Most readers would already be aware that Cactus' (NYSE:WHD) stock increased significantly by 9.4% over the past month. Since the market usually pay for a company’s long-term fundamentals, we decided to study the company’s key performance indicators to see if they could be influencing the market. In this article, we decided to focus on Cactus' ROE.
Return on equity or ROE is a key measure used to assess how efficiently a company's management is utilizing the company's capital. Put another way, it reveals the company's success at turning shareholder investments into profits.
View our latest analysis for Cactus
How Is ROE Calculated?
Return on equity can be calculated by using the formula:
Return on Equity = Net Profit (from continuing operations) ÷ Shareholders' Equity
So, based on the above formula, the ROE for Cactus is:
20% = US$237m ÷ US$1.2b (Based on the trailing twelve months to September 2024).
The 'return' is the yearly profit. That means that for every $1 worth of shareholders' equity, the company generated $0.20 in profit.
What Is The Relationship Between ROE And Earnings Growth?
So far, we've learned that ROE is a measure of a company's profitability. Based on how much of its profits the company chooses to reinvest or "retain", we are then able to evaluate a company's future ability to generate profits. Generally speaking, other things being equal, firms with a high return on equity and profit retention, have a higher growth rate than firms that don’t share these attributes.

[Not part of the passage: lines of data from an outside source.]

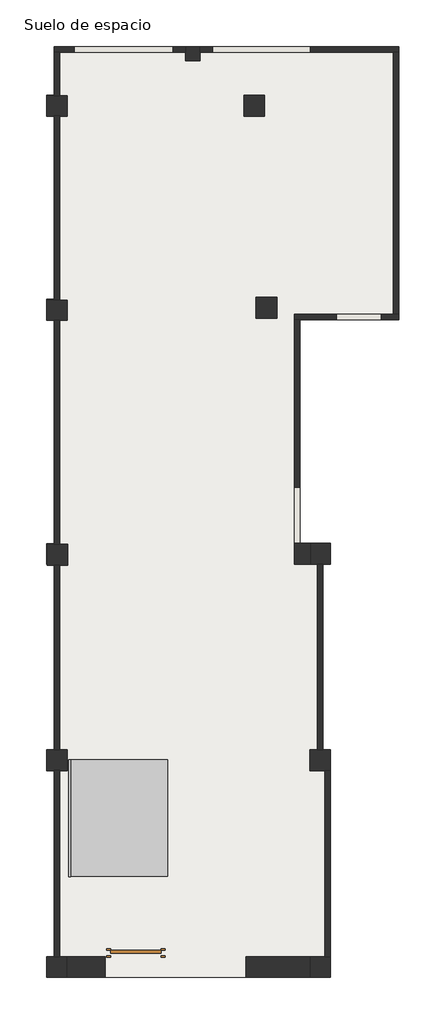
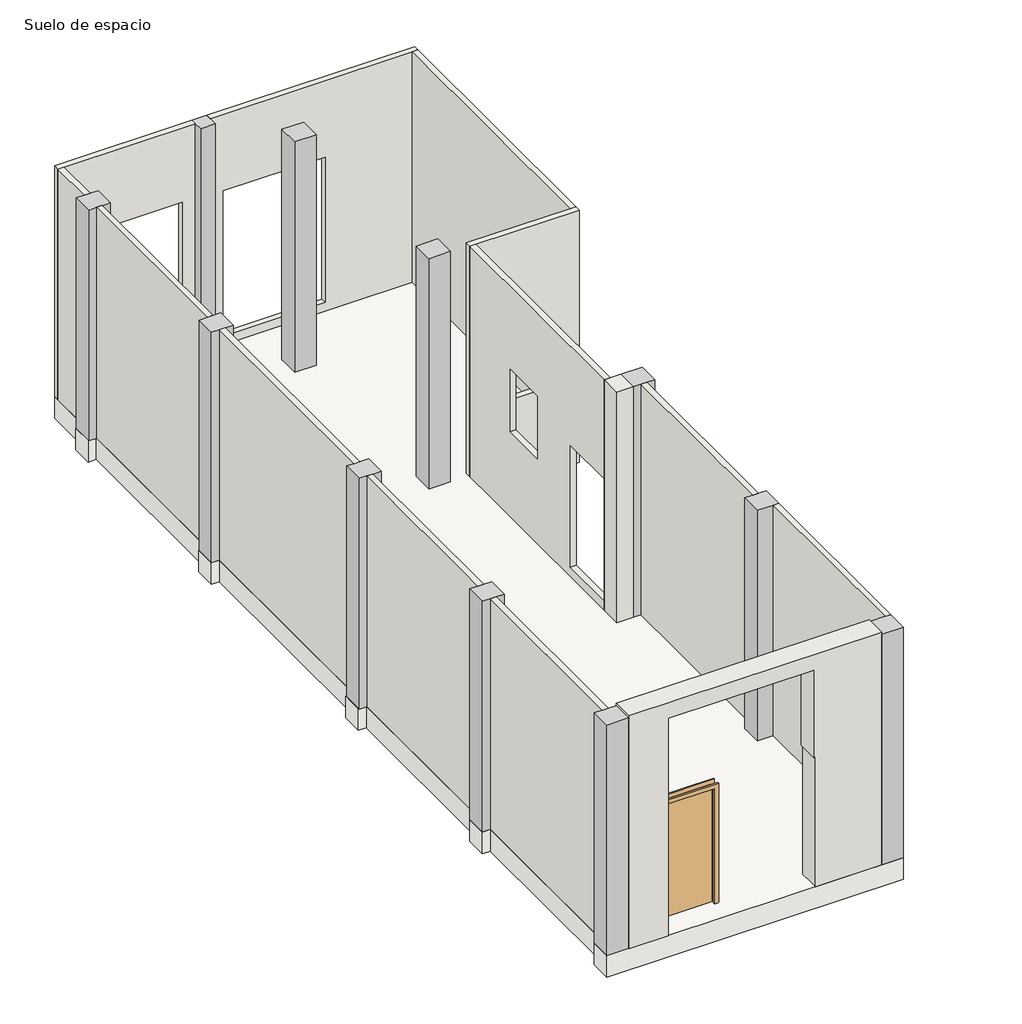
# One storey: 14 walls, 11 columns, 1 door, 1 railing, 1 ramp, 1 slab.
"""IFC4 building model written with IfcOpenShell, lengths in millimetres."""

import ifcopenshell
import ifcopenshell.guid

model = None  # the IFC model being written
_history = None  # IfcOwnerHistory: only IFC2X3 demands one
_inside = {}  # id of a spatial element -> (the spatial element, [elements in it])
_under = {}  # id of a project, library or spatial element -> (it, [spatial elements below it])
_declared = {}  # id of a project -> (the project, [libraries it declares])
_typed = {}  # id of a type object -> (the type object, [elements of that type])
_made_of = {}  # id of a material, layer set ... -> (it, [elements and type objects made of it])


def new_model(schema):
    """Start an empty IFC model of exactly this schema.

    Asked for "IFC4X3", IfcOpenShell would pick the latest addendum, in which some entities
    have other attributes; the version numbers below select the first issue.
    IFC2X3 requires an IfcOwnerHistory on every rooted entity: one is made here for all.
    """
    global model, _history
    if schema == "IFC4X3":
        model = ifcopenshell.file(schema_version=(4, 3, 0, 0))
    else:
        model = ifcopenshell.file(schema=schema)
    _inside.clear()
    _under.clear()
    _declared.clear()
    _typed.clear()
    _made_of.clear()
    _history = None
    if model.schema == "IFC2X3":
        org = make("IfcOrganization", Name="unknown")
        user = make(
            "IfcPersonAndOrganization",
            ThePerson=make("IfcPerson", FamilyName="unknown"),
            TheOrganization=org,
        )
        app = make(
            "IfcApplication",
            ApplicationDeveloper=org,
            Version="unknown",
            ApplicationFullName="unknown",
            ApplicationIdentifier="unknown",
        )
        _history = make(
            "IfcOwnerHistory",
            OwningUser=user,
            OwningApplication=app,
            ChangeAction="ADDED",
            CreationDate=0,
        )
    return model


def make(cls, **values):
    """One entity of the class cls with the attributes given. An attribute that is None is left unset."""
    return model.create_entity(
        cls, **{name: value for name, value in values.items() if value is not None}
    )


def rooted(cls, **values):
    """An entity with a GlobalId (a new one), such as an element, a storey or a relation."""
    return make(cls, GlobalId=ifcopenshell.guid.new(), OwnerHistory=_history, **values)


def si_unit(unit_type, name, prefix=None):
    """IfcSIUnit, for example si_unit("LENGTHUNIT", "METRE", prefix="MILLI")."""
    return make("IfcSIUnit", UnitType=unit_type, Prefix=prefix, Name=name)


def assignment(units):
    """IfcUnitAssignment: the units of a project."""
    return None if units is None else make("IfcUnitAssignment", Units=units)


def point(xyz):
    """IfcCartesianPoint."""
    return None if xyz is None else make("IfcCartesianPoint", Coordinates=xyz)


def direction(xyz):
    """IfcDirection."""
    return None if xyz is None else make("IfcDirection", DirectionRatios=xyz)


def frame(location, z_axis=None, x_axis=None):
    """IfcAxis2Placement3D, a coordinate frame: its origin and axes. An axis left out is left unset."""
    return make(
        "IfcAxis2Placement3D",
        Location=point(location),
        Axis=direction(z_axis),
        RefDirection=direction(x_axis),
    )


def origin():
    """The frame at (0, 0, 0) with its axes left unset."""
    return frame((0.0, 0.0, 0.0))


def origin_with_axes():
    """The frame at (0, 0, 0) with the z axis (0, 0, 1) and the x axis (1, 0, 0) written out."""
    return frame((0.0, 0.0, 0.0), z_axis=(0.0, 0.0, 1.0), x_axis=(1.0, 0.0, 0.0))


def place(relative_to, where):
    """IfcLocalPlacement: puts the frame where relative to a parent placement (None: the world)."""
    return make(
        "IfcLocalPlacement", PlacementRelTo=relative_to, RelativePlacement=where
    )


def context(
    kind, dimensions, precision=None, world=None, true_north=None, identifier=None
):
    """IfcGeometricRepresentationContext, for example the 3D "Model" context."""
    return make(
        "IfcGeometricRepresentationContext",
        ContextIdentifier=identifier,
        ContextType=kind,
        CoordinateSpaceDimension=dimensions,
        Precision=precision,
        WorldCoordinateSystem=world,
        TrueNorth=true_north,
    )


def project(units=None, contexts=None):
    """IfcProject with its units and contexts."""
    return rooted(
        "IfcProject",
        Name="project",
        RepresentationContexts=contexts,
        UnitsInContext=assignment(units),
    )


def spatial(cls, under=None, at=None, **own):
    """A site, building, storey or space (cls), placed at a placement, below another one or the project."""
    s = rooted(cls, ObjectPlacement=at, **own)
    if under is not None:
        _under.setdefault(under.id(), (under, []))[1].append(s)
    return s


def polyline(points):
    """IfcPolyline through the points."""
    return make("IfcPolyline", Points=[point(p) for p in points])


def ellipse_curve(where, semi_axis1, semi_axis2):
    """IfcEllipse in the frame where."""
    return make(
        "IfcEllipse", Position=where, SemiAxis1=semi_axis1, SemiAxis2=semi_axis2
    )


def outline(outer, holes=None, kind="AREA"):
    """IfcArbitraryClosedProfileDef: a profile drawn as a closed curve; with holes, ...WithVoids."""
    if holes is None:
        return make("IfcArbitraryClosedProfileDef", ProfileType=kind, OuterCurve=outer)
    return make(
        "IfcArbitraryProfileDefWithVoids",
        ProfileType=kind,
        OuterCurve=outer,
        InnerCurves=holes,
    )


def extrude(swept, where, along, depth):
    """IfcExtrudedAreaSolid: the profile swept, set in the frame where, extruded along a direction by depth."""
    return make(
        "IfcExtrudedAreaSolid",
        SweptArea=swept,
        Position=where,
        ExtrudedDirection=direction(along),
        Depth=depth,
    )


def faces_of(points, faces, orient=None, outer=None):
    """IfcFace entities. A face is a list of loops; a loop is a list of indices into points, from 0.

    orient and outer hold one flag for each loop. By default every Orientation is true, the
    first loop of a face is its IfcFaceOuterBound and the others are IfcFaceBound.
    """
    made = []
    for i, loops in enumerate(faces):
        bounds = []
        for j, loop in enumerate(loops):
            is_outer = j == 0 if outer is None else outer[i][j]
            bounds.append(
                make(
                    "IfcFaceOuterBound" if is_outer else "IfcFaceBound",
                    Bound=make("IfcPolyLoop", Polygon=[points[k] for k in loop]),
                    Orientation=True if orient is None else orient[i][j],
                )
            )
        made.append(make("IfcFace", Bounds=bounds))
    return made


def faceted_brep(points, faces, orient=None, outer=None, voids=None):
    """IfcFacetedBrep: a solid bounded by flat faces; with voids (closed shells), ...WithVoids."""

Cactus' Earnings Growth And 20% ROE
To begin with, Cactus seems to have a respectable ROE. On comparing with the average industry ROE of 14% the company's ROE looks pretty remarkable. This probably laid the ground for Cactus' significant 29% net income growth seen over the past five years. We believe that there might also be other aspects that are positively influencing the company's earnings growth. For example, it is possible that the company's management has made some good strategic decisions, or that the company has a low payout ratio.
We then compared Cactus' net income growth with the industry and found that the company's growth figure is lower than the average industry growth rate of 52% in the same 5-year period, which is a bit concerning.
Earnings growth is a huge factor in stock valuation. It’s important for an investor to know whether the market has priced in the company's expected earnings growth (or decline). Doing so will help them establish if the stock's future looks promising or ominous. What is WHD worth today? The intrinsic value infographic in our free research report helps visualize whether WHD is currently mispriced by the market.
Is Cactus Making Efficient Use Of Its Profits?
Cactus' ' three-year median payout ratio is on the lower side at 21% implying that it is retaining a higher percentage (79%) of its profits. So it seems like the management is reinvesting profits heavily to grow its business and this reflects in its earnings growth number.
Besides, Cactus has been paying dividends over a period of five years. This shows that the company is committed to sharing profits with its shareholders. Our latest analyst data shows that the future payout ratio of the company is expected to drop to 14% over the next three years. Regardless, the ROE is not expected to change much for the company despite the lower expected payout ratio.
Summary
On the whole, we feel that Cactus' performance has been quite good. Particularly, we like that the company is reinvesting heavily into its business, and at a high rate of return. As a result, the decent growth in its earnings is not surprising. That being so, a study of the latest analyst forecasts show that the company is expected to see a slowdown in its future earnings growth. To know more about the latest analysts predictions for the company, check out this visualization of analyst forecasts for the company.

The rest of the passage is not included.